↓↓↓
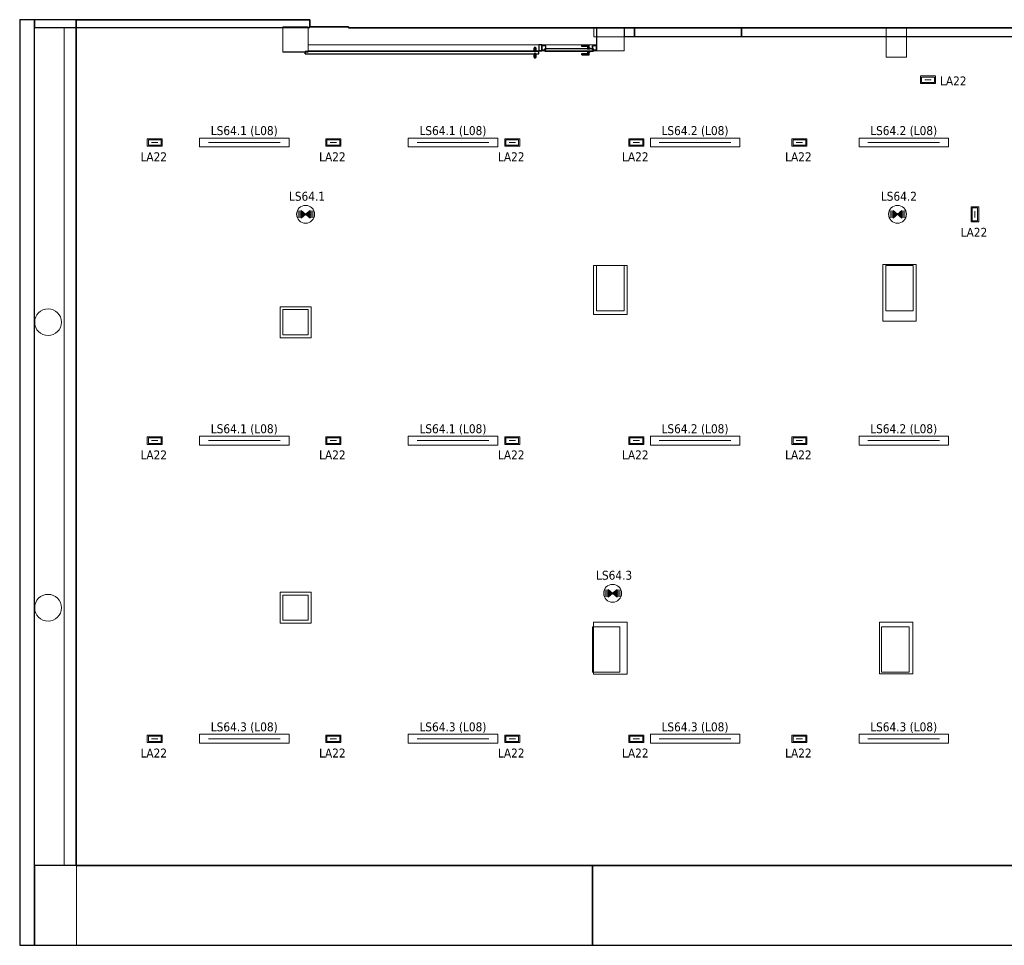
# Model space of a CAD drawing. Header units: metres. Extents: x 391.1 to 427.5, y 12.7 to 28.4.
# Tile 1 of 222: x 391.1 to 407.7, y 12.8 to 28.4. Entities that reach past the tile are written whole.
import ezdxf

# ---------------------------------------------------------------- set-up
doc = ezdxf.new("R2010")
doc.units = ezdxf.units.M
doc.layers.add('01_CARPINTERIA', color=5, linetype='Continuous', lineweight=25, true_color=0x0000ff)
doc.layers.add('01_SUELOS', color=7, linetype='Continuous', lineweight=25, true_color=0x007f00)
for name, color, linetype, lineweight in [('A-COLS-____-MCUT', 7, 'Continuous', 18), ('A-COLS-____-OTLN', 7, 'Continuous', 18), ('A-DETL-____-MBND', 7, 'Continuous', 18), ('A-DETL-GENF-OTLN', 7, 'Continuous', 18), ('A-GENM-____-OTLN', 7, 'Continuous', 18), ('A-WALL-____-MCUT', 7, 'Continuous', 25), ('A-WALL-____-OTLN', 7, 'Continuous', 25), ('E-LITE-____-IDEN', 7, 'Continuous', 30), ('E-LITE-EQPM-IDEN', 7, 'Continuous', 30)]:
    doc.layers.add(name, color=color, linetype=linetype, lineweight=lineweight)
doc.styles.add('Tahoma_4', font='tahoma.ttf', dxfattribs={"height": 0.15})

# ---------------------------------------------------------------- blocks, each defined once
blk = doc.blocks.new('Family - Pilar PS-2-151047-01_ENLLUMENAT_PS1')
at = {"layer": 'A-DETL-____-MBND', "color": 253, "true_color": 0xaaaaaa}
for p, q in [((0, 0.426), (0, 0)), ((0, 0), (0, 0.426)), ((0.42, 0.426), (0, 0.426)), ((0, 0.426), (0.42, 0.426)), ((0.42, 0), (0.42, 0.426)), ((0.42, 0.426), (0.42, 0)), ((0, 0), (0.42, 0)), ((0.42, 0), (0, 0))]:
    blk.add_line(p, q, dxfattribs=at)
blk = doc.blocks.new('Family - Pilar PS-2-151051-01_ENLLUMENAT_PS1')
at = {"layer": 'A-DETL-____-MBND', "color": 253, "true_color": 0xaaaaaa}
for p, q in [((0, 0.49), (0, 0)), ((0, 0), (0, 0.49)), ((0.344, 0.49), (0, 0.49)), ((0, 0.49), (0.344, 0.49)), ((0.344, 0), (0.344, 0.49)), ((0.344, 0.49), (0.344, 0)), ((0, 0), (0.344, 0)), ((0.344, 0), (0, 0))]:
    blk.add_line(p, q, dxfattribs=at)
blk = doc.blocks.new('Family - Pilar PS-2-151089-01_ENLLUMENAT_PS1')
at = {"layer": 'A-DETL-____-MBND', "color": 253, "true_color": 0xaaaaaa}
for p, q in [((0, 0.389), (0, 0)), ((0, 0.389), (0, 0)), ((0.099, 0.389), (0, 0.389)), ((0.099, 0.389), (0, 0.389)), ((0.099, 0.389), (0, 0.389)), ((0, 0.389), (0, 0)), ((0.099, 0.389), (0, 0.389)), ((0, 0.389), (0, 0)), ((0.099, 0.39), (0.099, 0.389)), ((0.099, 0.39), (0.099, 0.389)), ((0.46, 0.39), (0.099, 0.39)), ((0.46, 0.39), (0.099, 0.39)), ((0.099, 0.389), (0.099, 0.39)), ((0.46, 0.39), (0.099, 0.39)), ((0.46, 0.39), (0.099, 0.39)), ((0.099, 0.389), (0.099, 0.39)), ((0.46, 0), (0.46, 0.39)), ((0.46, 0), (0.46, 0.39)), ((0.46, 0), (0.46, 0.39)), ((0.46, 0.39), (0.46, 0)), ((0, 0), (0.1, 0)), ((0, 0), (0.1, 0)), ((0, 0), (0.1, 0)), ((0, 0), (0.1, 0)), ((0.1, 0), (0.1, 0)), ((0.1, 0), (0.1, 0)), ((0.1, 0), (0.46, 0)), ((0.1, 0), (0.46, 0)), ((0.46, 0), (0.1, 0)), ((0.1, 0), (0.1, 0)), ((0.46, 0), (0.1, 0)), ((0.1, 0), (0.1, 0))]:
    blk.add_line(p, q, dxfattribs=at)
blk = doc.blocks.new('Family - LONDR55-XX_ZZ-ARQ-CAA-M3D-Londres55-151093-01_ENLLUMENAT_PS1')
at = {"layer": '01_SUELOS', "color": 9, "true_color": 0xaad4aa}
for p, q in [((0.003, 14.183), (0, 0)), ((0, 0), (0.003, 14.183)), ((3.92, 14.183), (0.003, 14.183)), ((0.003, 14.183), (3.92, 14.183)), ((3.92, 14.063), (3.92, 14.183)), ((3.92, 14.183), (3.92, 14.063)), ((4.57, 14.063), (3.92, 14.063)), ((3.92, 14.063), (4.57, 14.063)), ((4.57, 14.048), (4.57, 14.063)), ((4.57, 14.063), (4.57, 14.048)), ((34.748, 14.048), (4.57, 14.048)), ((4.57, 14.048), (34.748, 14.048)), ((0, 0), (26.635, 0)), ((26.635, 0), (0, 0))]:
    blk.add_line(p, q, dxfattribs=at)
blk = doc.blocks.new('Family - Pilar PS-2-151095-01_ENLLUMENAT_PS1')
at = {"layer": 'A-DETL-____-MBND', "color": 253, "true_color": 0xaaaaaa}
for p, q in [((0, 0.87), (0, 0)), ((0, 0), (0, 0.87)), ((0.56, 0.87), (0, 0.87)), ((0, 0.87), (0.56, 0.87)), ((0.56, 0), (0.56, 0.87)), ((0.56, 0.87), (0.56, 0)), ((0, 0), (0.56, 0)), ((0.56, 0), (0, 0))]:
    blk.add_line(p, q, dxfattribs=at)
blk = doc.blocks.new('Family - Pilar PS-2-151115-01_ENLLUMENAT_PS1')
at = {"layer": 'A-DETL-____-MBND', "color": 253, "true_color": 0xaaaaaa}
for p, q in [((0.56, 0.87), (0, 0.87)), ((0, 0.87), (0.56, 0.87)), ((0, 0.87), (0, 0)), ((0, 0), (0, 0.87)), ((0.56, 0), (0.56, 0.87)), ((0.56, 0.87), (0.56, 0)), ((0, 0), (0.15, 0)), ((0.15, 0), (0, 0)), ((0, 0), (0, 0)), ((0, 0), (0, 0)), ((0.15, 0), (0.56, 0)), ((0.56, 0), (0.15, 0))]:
↑↑↑
**HOW TO COMPLETE THIS TASK**
Please copy out each line above exactly as written, but not the pictures.

**ANSWER BOX**
# Model space of a CAD drawing. Header units: metres. Extents: x 391.1 to 427.5, y 12.7 to 28.4.
# Tile 1 of 222: x 391.1 to 407.7, y 12.8 to 28.4. Entities that reach past the tile are written whole.
import ezdxf

# ---------------------------------------------------------------- set-up
doc = ezdxf.new("R2010")
doc.units = ezdxf.units.M
doc.layers.add('01_CARPINTERIA', color=5, linetype='Continuous', lineweight=25, true_color=0x0000ff)
doc.layers.add('01_SUELOS', color=7, linetype='Continuous', lineweight=25, true_color=0x007f00)
for name, color, linetype, lineweight in [('A-COLS-____-MCUT', 7, 'Continuous', 18), ('A-COLS-____-OTLN', 7, 'Continuous', 18), ('A-DETL-____-MBND', 7, 'Continuous', 18), ('A-DETL-GENF-OTLN', 7, 'Continuous', 18), ('A-GENM-____-OTLN', 7, 'Continuous', 18), ('A-WALL-____-MCUT', 7, 'Continuous', 25), ('A-WALL-____-OTLN', 7, 'Continuous', 25), ('E-LITE-____-IDEN', 7, 'Continuous', 30), ('E-LITE-EQPM-IDEN', 7, 'Continuous', 30)]:
    doc.layers.add(name, color=color, linetype=linetype, lineweight=lineweight)
doc.styles.add('Tahoma_4', font='tahoma.ttf', dxfattribs={"height": 0.15})

# ---------------------------------------------------------------- blocks, each defined once
blk = doc.blocks.new('Family - Pilar PS-2-151047-01_ENLLUMENAT_PS1')
at = {"layer": 'A-DETL-____-MBND', "color": 253, "true_color": 0xaaaaaa}
for p, q in [((0, 0.426), (0, 0)), ((0, 0), (0, 0.426)), ((0.42, 0.426), (0, 0.426)), ((0, 0.426), (0.42, 0.426)), ((0.42, 0), (0.42, 0.426)), ((0.42, 0.426), (0.42, 0)), ((0, 0), (0.42, 0)), ((0.42, 0), (0, 0))]:
    blk.add_line(p, q, dxfattribs=at)
blk = doc.blocks.new('Family - Pilar PS-2-151051-01_ENLLUMENAT_PS1')
at = {"layer": 'A-DETL-____-MBND', "color": 253, "true_color": 0xaaaaaa}
for p, q in [((0, 0.49), (0, 0)), ((0, 0), (0, 0.49)), ((0.344, 0.49), (0, 0.49)), ((0, 0.49), (0.344, 0.49)), ((0.344, 0), (0.344, 0.49)), ((0.344, 0.49), (0.344, 0)), ((0, 0), (0.344, 0)), ((0.344, 0), (0, 0))]:
    blk.add_line(p, q, dxfattribs=at)
blk = doc.blocks.new('Family - Pilar PS-2-151089-01_ENLLUMENAT_PS1')
at = {"layer": 'A-DETL-____-MBND', "color": 253, "true_color": 0xaaaaaa}
for p, q in [((0, 0.389), (0, 0)), ((0, 0.389), (0, 0)), ((0.099, 0.389), (0, 0.389)), ((0.099, 0.389), (0, 0.389)), ((0.099, 0.389), (0, 0.389)), ((0, 0.389), (0, 0)), ((0.099, 0.389), (0, 0.389)), ((0, 0.389), (0, 0)), ((0.099, 0.39), (0.099, 0.389)), ((0.099, 0.39), (0.099, 0.389)), ((0.46, 0.39), (0.099, 0.39)), ((0.46, 0.39), (0.099, 0.39)), ((0.099, 0.389), (0.099, 0.39)), ((0.46, 0.39), (0.099, 0.39)), ((0.46, 0.39), (0.099, 0.39)), ((0.099, 0.389), (0.099, 0.39)), ((0.46, 0), (0.46, 0.39)), ((0.46, 0), (0.46, 0.39)), ((0.46, 0), (0.46, 0.39)), ((0.46, 0.39), (0.46, 0)), ((0, 0), (0.1, 0)), ((0, 0), (0.1, 0)), ((0, 0), (0.1, 0)), ((0, 0), (0.1, 0)), ((0.1, 0), (0.1, 0)), ((0.1, 0), (0.1, 0)), ((0.1, 0), (0.46, 0)), ((0.1, 0), (0.46, 0)), ((0.46, 0), (0.1, 0)), ((0.1, 0), (0.1, 0)), ((0.46, 0), (0.1, 0)), ((0.1, 0), (0.1, 0))]:
    blk.add_line(p, q, dxfattribs=at)
blk = doc.blocks.new('Family - LONDR55-XX_ZZ-ARQ-CAA-M3D-Londres55-151093-01_ENLLUMENAT_PS1')
at = {"layer": '01_SUELOS', "color": 9, "true_color": 0xaad4aa}
for p, q in [((0.003, 14.183), (0, 0)), ((0, 0), (0.003, 14.183)), ((3.92, 14.183), (0.003, 14.183)), ((0.003, 14.183), (3.92, 14.183)), ((3.92, 14.063), (3.92, 14.183)), ((3.92, 14.183), (3.92, 14.063)), ((4.57, 14.063), (3.92, 14.063)), ((3.92, 14.063), (4.57, 14.063)), ((4.57, 14.048), (4.57, 14.063)), ((4.57, 14.063), (4.57, 14.048)), ((34.748, 14.048), (4.57, 14.048)), ((4.57, 14.048), (34.748, 14.048)), ((0, 0), (26.635, 0)), ((26.635, 0), (0, 0))]:
    blk.add_line(p, q, dxfattribs=at)
blk = doc.blocks.new('Family - Pilar PS-2-151095-01_ENLLUMENAT_PS1')
at = {"layer": 'A-DETL-____-MBND', "color": 253, "true_color": 0xaaaaaa}
for p, q in [((0, 0.87), (0, 0)), ((0, 0), (0, 0.87)), ((0.56, 0.87), (0, 0.87)), ((0, 0.87), (0.56, 0.87)), ((0.56, 0), (0.56, 0.87)), ((0.56, 0.87), (0.56, 0)), ((0, 0), (0.56, 0)), ((0.56, 0), (0, 0))]:
    blk.add_line(p, q, dxfattribs=at)
blk = doc.blocks.new('Family - Pilar PS-2-151115-01_ENLLUMENAT_PS1')
at = {"layer": 'A-DETL-____-MBND', "color": 253, "true_color": 0xaaaaaa}
for p, q in [((0.56, 0.87), (0, 0.87)), ((0, 0.87), (0.56, 0.87)), ((0, 0.87), (0, 0)), ((0, 0), (0, 0.87)), ((0.56, 0), (0.56, 0.87)), ((0.56, 0.87), (0.56, 0)), ((0, 0), (0.15, 0)), ((0.15, 0), (0, 0)), ((0, 0), (0, 0)), ((0, 0), (0, 0)), ((0.15, 0), (0.56, 0)), ((0.56, 0), (0.15, 0))]:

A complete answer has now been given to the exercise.